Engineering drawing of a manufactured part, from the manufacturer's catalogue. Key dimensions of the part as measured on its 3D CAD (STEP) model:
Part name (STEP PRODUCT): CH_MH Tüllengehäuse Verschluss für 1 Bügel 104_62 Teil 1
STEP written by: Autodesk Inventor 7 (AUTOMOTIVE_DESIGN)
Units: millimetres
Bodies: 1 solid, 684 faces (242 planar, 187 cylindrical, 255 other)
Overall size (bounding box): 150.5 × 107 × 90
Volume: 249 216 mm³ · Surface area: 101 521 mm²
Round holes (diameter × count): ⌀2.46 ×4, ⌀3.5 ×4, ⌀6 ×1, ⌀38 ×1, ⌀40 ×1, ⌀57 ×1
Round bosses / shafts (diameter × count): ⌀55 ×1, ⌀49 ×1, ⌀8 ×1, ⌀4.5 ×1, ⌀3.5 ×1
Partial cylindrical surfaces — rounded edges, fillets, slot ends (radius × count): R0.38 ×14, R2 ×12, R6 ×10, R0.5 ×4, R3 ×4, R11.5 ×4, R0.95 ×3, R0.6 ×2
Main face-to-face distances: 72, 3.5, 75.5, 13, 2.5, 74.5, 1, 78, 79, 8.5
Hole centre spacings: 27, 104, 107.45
****************
### Requirement
Repeat each record word for word. Do not leave any out.

### Exercise solution
Engineering drawing of a manufactured part, from the manufacturer's catalogue. Key dimensions of the part as measured on its 3D CAD (STEP) model:
Part name (STEP PRODUCT): CH_MH Tüllengehäuse Verschluss für 1 Bügel 104_62 Teil 1
STEP written by: Autodesk Inventor 7 (AUTOMOTIVE_DESIGN)
Units: millimetres
Bodies: 1 solid, 684 faces (242 planar, 187 cylindrical, 255 other)
Overall size (bounding box): 150.5 × 107 × 90
Volume: 249 216 mm³ · Surface area: 101 521 mm²
Round holes (diameter × count): ⌀2.46 ×4, ⌀3.5 ×4, ⌀6 ×1, ⌀38 ×1, ⌀40 ×1, ⌀57 ×1
Round bosses / shafts (diameter × count): ⌀55 ×1, ⌀49 ×1, ⌀8 ×1, ⌀4.5 ×1, ⌀3.5 ×1
Partial cylindrical surfaces — rounded edges, fillets, slot ends (radius × count): R0.38 ×14, R2 ×12, R6 ×10, R0.5 ×4, R3 ×4, R11.5 ×4, R0.95 ×3, R0.6 ×2
Main face-to-face distances: 72, 3.5, 75.5, 13, 2.5, 74.5, 1, 78, 79, 8.5
Hole centre spacings: 27, 104, 107.45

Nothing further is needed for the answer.